Needless to say, we blew it.

Regarding close misses -- There was a day when a 50 yard shot was a LONG shot that required a clear ceiling free of branches, and two-points and spikes were fair game. We'd head out in the morning, and be back to camp for lunch with an empty quiver. Missing a 20 yard shot was a common thing.

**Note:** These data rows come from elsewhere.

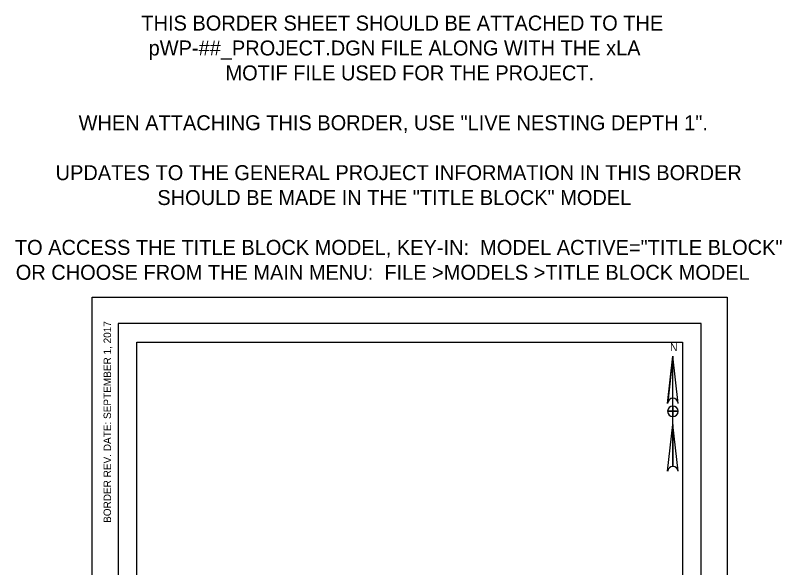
# Model space of a CAD drawing. Extents: x -1 to 9.2, y 0 to 14.8.
# Drawn here: x -1.03 to 9.23, y 7.38 to 14.77 of the extents above; entities that cross this region are included whole.
import ezdxf

# ---------------------------------------------------------------- set-up
doc = ezdxf.new("R2010")
doc.units = 0
for name, color, linetype in [('BORD-LINE', 7, 'Continuous'), ('NRTH-ARRO', 7, 'Continuous'), ('USER-CLIP', 7, 'Continuous'), ('USER-PAGE', 7, 'Continuous'), ('USER-TEXT', 7, 'Continuous')]:
    doc.layers.add(name, color=color, linetype=linetype)

msp = doc.modelspace()

# ---------------------------------------------------------------- linework, layer by layer
at = {"layer": 'BORD-LINE'}
msp.add_lwpolyline([(0.35, 0.861), (0.35, 0.35), (8.15, 0.35), (8.15, 10.65), (0.35, 10.65), (0.35, 0.861)], dxfattribs=at)
at = {"layer": 'NRTH-ARRO'}
for p, q in [((7.702, 9.58), (7.772, 10.213)), ((7.772, 8.738), (7.772, 10.213)), ((7.842, 9.58), (7.772, 10.213)), ((7.772, 9.475), (7.772, 9.546)), ((7.702, 9.475), (7.772, 9.475)), ((7.702, 9.475), (7.702, 9.475)), ((7.702, 9.475), (7.702, 9.475)), ((7.842, 9.475), (7.772, 9.475)), ((7.772, 9.475), (7.772, 9.405)), ((7.842, 9.475), (7.842, 9.475)), ((7.842, 9.475), (7.842, 9.475)), ((7.702, 8.676), (7.772, 9.299)), ((7.841, 8.676), (7.772, 9.299))]:
    msp.add_line(p, q, dxfattribs=at)
for points in [[(7.772, 9.65), (7.772, 9.65), (7.772, 10.213), (7.703, 9.596)], [(7.772, 9.546), (7.772, 9.475), (7.842, 9.475)], [(7.772, 9.405), (7.772, 9.475), (7.702, 9.475), (7.702, 9.475)], [(7.772, 9.405), (7.772, 9.405)], [(7.841, 8.676), (7.772, 9.299), (7.772, 8.738)]]:
    msp.add_lwpolyline(points, dxfattribs=at)
for centre, radius, start, end in [((7.772, 9.58), 0.0703, 90, 180), ((7.772, 9.58), 0.0703, 90.0905, 167.3484), ((7.772, 9.58), 0.0703, 0, 90), ((7.772, 9.475), 0.0703, 90, 180), ((7.772, 9.475), 0.0703, 0, 90), ((7.772, 9.475), 0.0703, 0.0012, 89.9988), ((7.772, 9.475), 0.0703, 180, 270), ((7.772, 9.475), 0.0703, 180, 270), ((7.772, 9.475), 0.0703, 270, 360), ((7.772, 8.668), 0.0698, 6.3439, 173.6561), ((7.772, 8.668), 0.0698, 6.3439, 90)]:
    msp.add_arc(centre, radius, start, end, dxfattribs=at)
at = {"layer": 'USER-CLIP'}
msp.add_lwpolyline([(0.6, 10.4), (7.9, 10.4), (7.9, 1.95), (0.6, 1.95)], close=True, dxfattribs=at)
at = {"layer": 'USER-PAGE'}
msp.add_lwpolyline([(0, 11), (8.5, 11), (8.5, 0), (0, 0)], close=True, dxfattribs=at)

# ---------------------------------------------------------------- texts
at = {"layer": 'NRTH-ARRO'}
msp.add_text('N', height=0.105, dxfattribs=at).set_placement((7.734, 10.283))
at = {"layer": 'USER-TEXT'}
for s, p in [('THIS BORDER SHEET SHOULD BE ATTACHED TO THE', (0.659, 14.566)), ('pWP-##_PROJECT.DGN FILE ALONG WITH THE xLA ', (0.756, 14.233)), ('MOTIF FILE USED FOR THE PROJECT.', (1.785, 13.9)), ('WHEN ATTACHING THIS BORDER, USE "LIVE NESTING DEPTH 1".', (-0.181, 13.233)), ('UPDATES TO THE GENERAL PROJECT INFORMATION IN THIS BORDER', (-0.489, 12.566)), ('SHOULD BE MADE IN THE "TITLE BLOCK" MODEL', (0.873, 12.233)), ('TO ACCESS THE TITLE BLOCK MODEL, KEY-IN:  MODEL ACTIVE="TITLE BLOCK"', (-1.034, 11.567)), ('OR CHOOSE FROM THE MAIN MENU:  FILE >MODELS >TITLE BLOCK MODEL', (-1.022, 11.233))]:
    msp.add_text(s, height=0.2, dxfattribs=at).set_placement(p)
msp.add_text('BORDER REV. DATE: SEPTEMBER 1, 2017', height=0.1, rotation=90, dxfattribs=at).set_placement((0.253, 7.983))

doc.saveas('drawing.dxf')

You have to keep in mind that in those days, nobody carried range finders. And, unlike today's bows, a misjudgement in yardage meant a missed shot. Today you have ~10 yards +/- forgiveness at 100 yards. :shock:

I miss the olden days.


----------



## longbow (Mar 31, 2009)

Hi, My name is Chuck, [Hi Chuck, welcome to "Buck-Fever Anonymous"] I missed two bull elk with my longbow. [Gasp!] A 5x5 at 18 yards and a broadside spike at 4 yards (yes, I said 4 yards) I hang my head when I tell this.


----------



## bow_dude (Aug 20, 2009)

Back in the days before I understood that at very close shots you have to use pins that are normally used for longer shots. (I.E. 9 to 10 feet might be your 55 to 85 yard pin) I was standing behind a Juniper tree when a nice 4 pt buck walked by. I can still see the shock in his eyes as I released the arrow. I had to of been 10 to 15 feet away. I looked for hours and never found anything except a piece of the broadhead. (I was shooting a Spitfire Mechanical). I couldn't believe I missed. I now understand that I shot low. I could have hit it low in the chest in "no man's land" completely missing all the vitals or under it. Since the heart sits low in the chest, if I was aiming at the heart, I would have shot under the chest, but I will never know. Good reason to always aim for center of the chest instead of the heart.


----------



## bow_dude (Aug 20, 2009)

I was elk hunting another time when I walked upon 5 elk... a 5 pt rag horn, a collared spike and 3 cows. Naturally I chose the 5 pt to shoot at. I judged them to be 20 yards. I was shooting up hill so I figured I needed to use my 30 yard pin to compensate for the uphill shot. (I used to think that way... I know different now). I stood in shock as I watched the arrow barely miss the elk flying over it's back. I looked for a long time scanning every square inch of ground hoping to find blood, even through the arrow was clean.


----------



## bow_dude (Aug 20, 2009)

Another year I was elk hunting and walked upon a cow at 25 yards. Chip shot... I took careful aim and released the arrow, killing the tree just in front of the elk. Elevation was perfect, just shot right. Dumbfounded, I shot the target at camp and noticed I was shooting right. I had forgotten to sight in with my bow quiver on the bow which caused the problem. Needless to say I don't use a bow quiver anymore, I shoot with a hip quiver.


----------



## bow_dude (Aug 20, 2009)

I was elk hunting another year with my son. We called in a bull which presented me with a 20 to 30 yard shot. It stopped broadside to me giving me a great shot. The arrow went low and sightly left. I failed to shoot the broadhead prior to the hunt to check if it was hitting where aimed. I had always read that I should shoot the broadhead to check if it was tuned to the bow... I didn't and it wasn't. That was the last time I didn't tune the broad head tipped arrow with the bow. Knowledge and understanding has certainly increased over the years. If I only knew 30 years ago what I know today. 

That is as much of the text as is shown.